The discovery is also significant because it sheds further light on a biologically unique phenomenon, Reppert says. "We're talking about a time domain that is unusual in biology. We're talking about a cell being able to keep 24-hour time rather than millisecond or second-by-second time. That's what I think is so unusual. Feedback loops are very common in biology, but this sort of time domain is what makes this loop special," he says.
Ultimately, it may be possible to correct defects in the clock or harness it to improve the function of the body's daily, or circadian, rhythms. "Understanding the clock may allow us to manipulate sleep or at least to understand abnormalities of sleep in patients based on aberration of their central clock," he says.
A better understanding of how the clock mechanism drives bodily rhythms could also lead to more efficacious treatments of disease. For example, heart and asthma attacks are more likely to occur at certain times of day.
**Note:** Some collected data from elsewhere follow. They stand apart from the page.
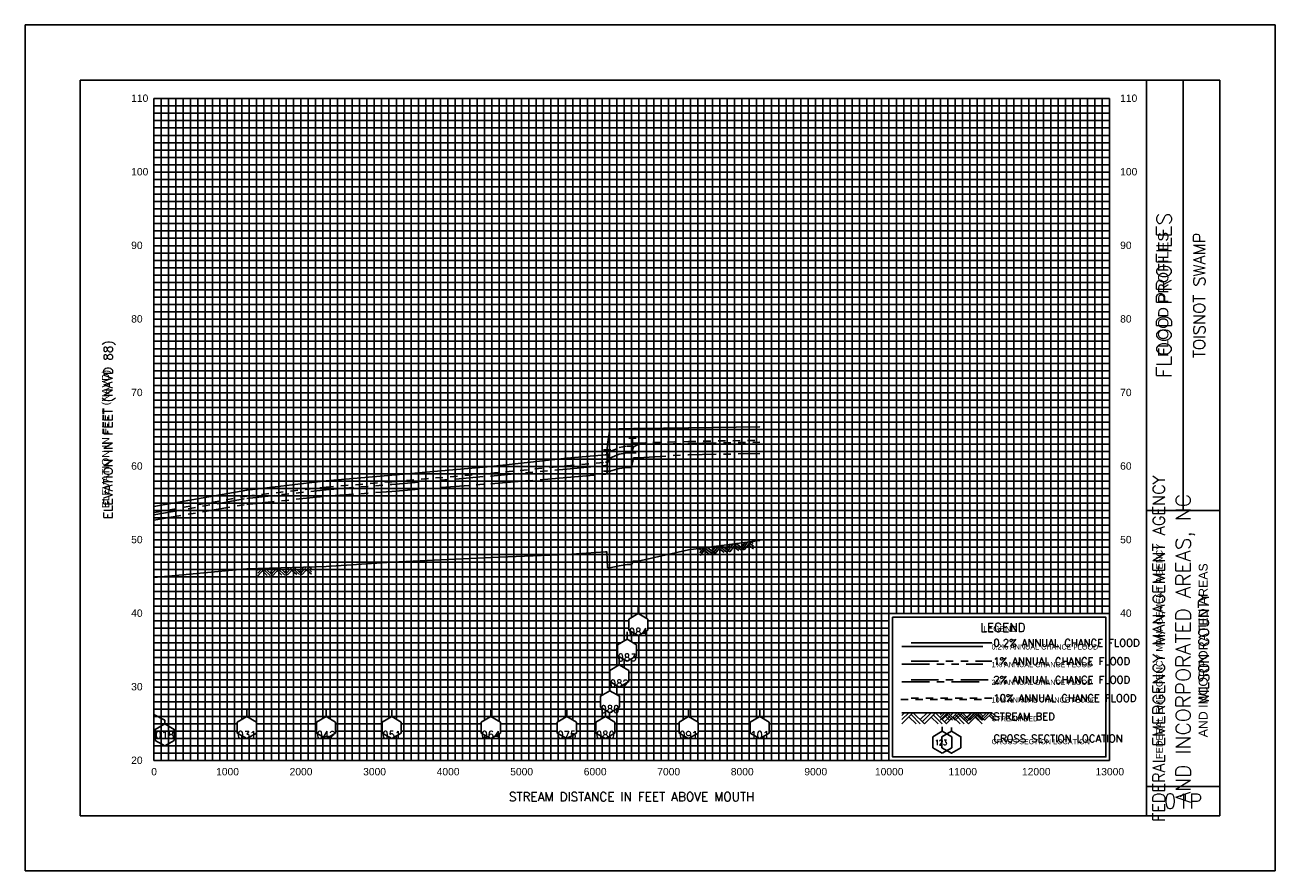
# Model space of a CAD drawing. Header units: inches. Extents: x -35 to 96, y -72 to 21.
# Tile 1 of 13: x -3 to 14, y -59 to -48. Entities that reach past the tile are written whole.
import ezdxf
from ezdxf.enums import TextEntityAlignment as Align

# ---------------------------------------------------------------- set-up
doc = ezdxf.new("R2010")
doc.units = ezdxf.units.IN
doc.header["$LTSCALE"] = 0.3
doc.header["$MEASUREMENT"] = 0
doc.set_wipeout_variables(frame=1)
for name, pattern in [('CENTER', [2, 1.25, -0.25, 0.25, -0.25]), ('DOT', [0.25, 0, -0.25]), ('HIDDEN', [0.375, 0.25, -0.125]), ('PHANTOM', [2.5, 1.25, -0.25, 0.25, -0.25, 0.25, -0.25])]:
    doc.linetypes.add(name, pattern=pattern)
doc.layers.get('0').update_dxf_attribs({"color": 3, "plot": 0})
for name, color, linetype in [('1', 5, 'Continuous'), ('2', 50, 'Continuous'), ('3', 9, 'DOT'), ('7', 7, 'Continuous'), ('BRIDGE', 7, 'Continuous'), ('GRIDS', 7, 'Continuous'), ('LEGEND_BOX', 7, 'Continuous'), ('LEGEND_XSEC', 7, 'Continuous'), ('ROCK', 7, 'Continuous'), ('STREAM', 5, 'Continuous'), ('TEXT', 255, 'Continuous'), ('WS10', 4, 'HIDDEN'), ('WS100', 5, 'PHANTOM'), ('WS50', 1, 'CENTER'), ('WS500', 1, 'Continuous'), ('XSEC', 7, 'Continuous'), ('XSEC_LEFT', 7, 'Continuous')]:
    doc.layers.add(name, color=color, linetype=linetype)
doc.styles.add('ARIAL', font='ARIAL.TTF')
doc.styles.get("Standard").update_dxf_attribs({"font": 'romans.shx'})

# ---------------------------------------------------------------- blocks, each defined once
blk = doc.blocks.new('border')
for p, q in [((12.95, 1.95), (10.05, 1.95)), ((10.05, 1.95), (10.05, 0.05)), ((12.95, 0.05), (12.95, 1.95)), ((10.05, 0.05), (12.95, 0.05)), ((10.05, 0.05), (10.05, 0.05))]:
    blk.add_line(p, q)
at = {"layer": '1', "color": 8}
for p, q in [((-1.75, 10), (-1.75, -1.5)), ((15.25, 10), (-1.75, 10)), ((15.25, -1.5), (15.25, 10)), ((-1.75, -1.5), (15.25, -1.5))]:
    blk.add_line(p, q, dxfattribs=at)
at = {"layer": '1'}
for p, q in [((-1, 9.25), (-1, -0.75)), ((14.5, 9.25), (-1, 9.25)), ((13.5, -0.75), (13.5, 9.25)), ((14, 3.4), (14, 9.25)), ((14.5, -0.75), (14.5, 9.25)), ((13.5, 3.4), (14.5, 3.4)), ((13.5, -0.35), (14.5, -0.35)), ((-1, -0.75), (-1, -0.75)), ((-1, -0.75), (14.5, -0.75))]:
    blk.add_line(p, q, dxfattribs=at)
at = {"layer": '2', "color": 50}
for p, q in [((0, 0), (0, 9)), ((0, 9), (13, 9)), ((1, 0), (1, 9)), ((2, 0), (2, 9)), ((3, 0), (3, 9)), ((4, 0), (4, 9)), ((5, 0), (5, 9)), ((6, 0), (6, 9)), ((7, 0), (7, 9)), ((8, 0), (8, 9)), ((9, 0), (9, 9)), ((10, 0), (10, 9)), ((13, 0), (13, 9)), ((0, 7), (13, 7)), ((0, 6), (13, 6)), ((0, 5), (13, 5)), ((0, 4), (13, 4)), ((0, 3), (13, 3)), ((0, 2), (13, 2)), ((0, 1), (10, 1)), ((0, 0), (13, 0))]:
    blk.add_line(p, q, dxfattribs=at)
at = {"layer": '2', "color": 50, "linetype": 'Continuous'}
for p, q in [((11, 2), (11, 9)), ((12, 2), (12, 9)), ((0, 8), (13, 8))]:
    blk.add_line(p, q, dxfattribs=at)
at = {"layer": '3', "color": 8, "linetype": 'Continuous'}
for p, q in [((0, 8.9), (13, 8.9)), ((0.1, 0), (0.1, 9)), ((0.2, 0), (0.2, 9)), ((0.3, 0), (0.3, 9)), ((0.4, 0), (0.4, 9)), ((0.5, 0), (0.5, 9)), ((0.6, 0), (0.6, 9)), ((0.7, 0), (0.7, 9)), ((0.8, 0), (0.8, 9)), ((0.9, 0), (0.9, 9)), ((1.1, 0), (1.1, 9)), ((1.2, 0), (1.2, 9)), ((1.3, 0), (1.3, 9)), ((1.4, 0), (1.4, 9)), ((1.5, 0), (1.5, 9)), ((1.6, 0), (1.6, 9)), ((1.7, 0), (1.7, 9)), ((1.8, 0), (1.8, 9)), ((1.9, 0), (1.9, 9)), ((2.1, 0), (2.1, 9)), ((2.2, 0), (2.2, 9)), ((2.3, 0), (2.3, 9)), ((2.4, 0), (2.4, 9)), ((2.5, 0), (2.5, 9)), ((2.6, 0), (2.6, 9)), ((2.7, 0), (2.7, 9)), ((2.8, 0), (2.8, 9)), ((2.9, 0), (2.9, 9)), ((3.1, 0), (3.1, 9)), ((3.2, 0), (3.2, 9)), ((3.3, 0), (3.3, 9)), ((3.4, 0), (3.4, 9)), ((3.5, 0), (3.5, 9)), ((3.6, 0), (3.6, 9)), ((3.7, 0), (3.7, 9)), ((3.8, 0), (3.8, 9)), ((3.9, 0), (3.9, 9)), ((4.1, 0), (4.1, 9)), ((4.2, 0), (4.2, 9)), ((4.3, 0), (4.3, 9)), ((4.4, 0), (4.4, 9)), ((4.5, 0), (4.5, 9)), ((4.6, 0), (4.6, 9)), ((4.7, 0), (4.7, 9)), ((4.8, 0), (4.8, 9)), ((4.9, 0), (4.9, 9)), ((5.1, 0), (5.1, 9)), ((5.2, 0), (5.2, 9)), ((5.3, 0), (5.3, 9)), ((5.4, 0), (5.4, 9)), ((5.5, 0), (5.5, 9)), ((5.6, 0), (5.6, 9)), ((5.7, 0), (5.7, 9)), ((5.8, 0), (5.8, 9)), ((5.9, 0), (5.9, 9)), ((6.1, 0), (6.1, 9)), ((6.2, 0), (6.2, 9)), ((6.3, 0), (6.3, 9)), ((6.4, 0), (6.4, 9)), ((6.5, 0), (6.5, 9)), ((6.6, 0), (6.6, 9)), ((6.7, 0), (6.7, 9)), ((6.8, 0), (6.8, 9)), ((6.9, 0), (6.9, 9)), ((7.1, 0), (7.1, 9)), ((7.2, 0), (7.2, 9)), ((7.3, 0), (7.3, 9)), ((7.4, 0), (7.4, 9)), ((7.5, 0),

And certain medications have greater efficiency and lower toxicity depending on what hour they are given. "It's a whole area of circadian biology that is coming into its own," Reppert says.
For 25 years, scientists knew a master timepiece was lodged behind the eyes, in a structure called the suprachiasmatic nucleus (SCN), but they knew little about the molecular workings of the clock -- the genes and proteins that make the clock tick on a 24-hour basis. Over the past eighteen months, they have discovered that the clock consists of at least six proteins that engage in a series of elegant and precisely timed pas de deux that result in genes being switched on and off over a 24-hour cycle.
They also suspected the clock might drive bodily rhythms through the release of peptides, hormones, and neurotransmitters but were mystified as to how genes for these substances were turned on and off. Reppert and his colleagues have discovered that the gene for arginine vasopressin, a peptide that is released rhythmically in specific brain regions over the course of the day, contains the same on switch as one of the six genes in the central clock mechanism. And the switch for this output gene appears to be turned on and off by the same proteins, or transcription factors, that control the central clock genes.
Reppert believes the device may be found on a number of output genes, such as those for proteins controlling blood pressure, sleep onset, and other circadian rhythms. "We think this is one way the transcription machinery of the central clock directs output genes in a variety of directions to ultimately get control of rhythms in physiology and behavior," says Reppert. "This is probably not the only way to control output from the SCN. There are probably others that are just waiting to be discovered."
This work was funded by the National Institutes of Health.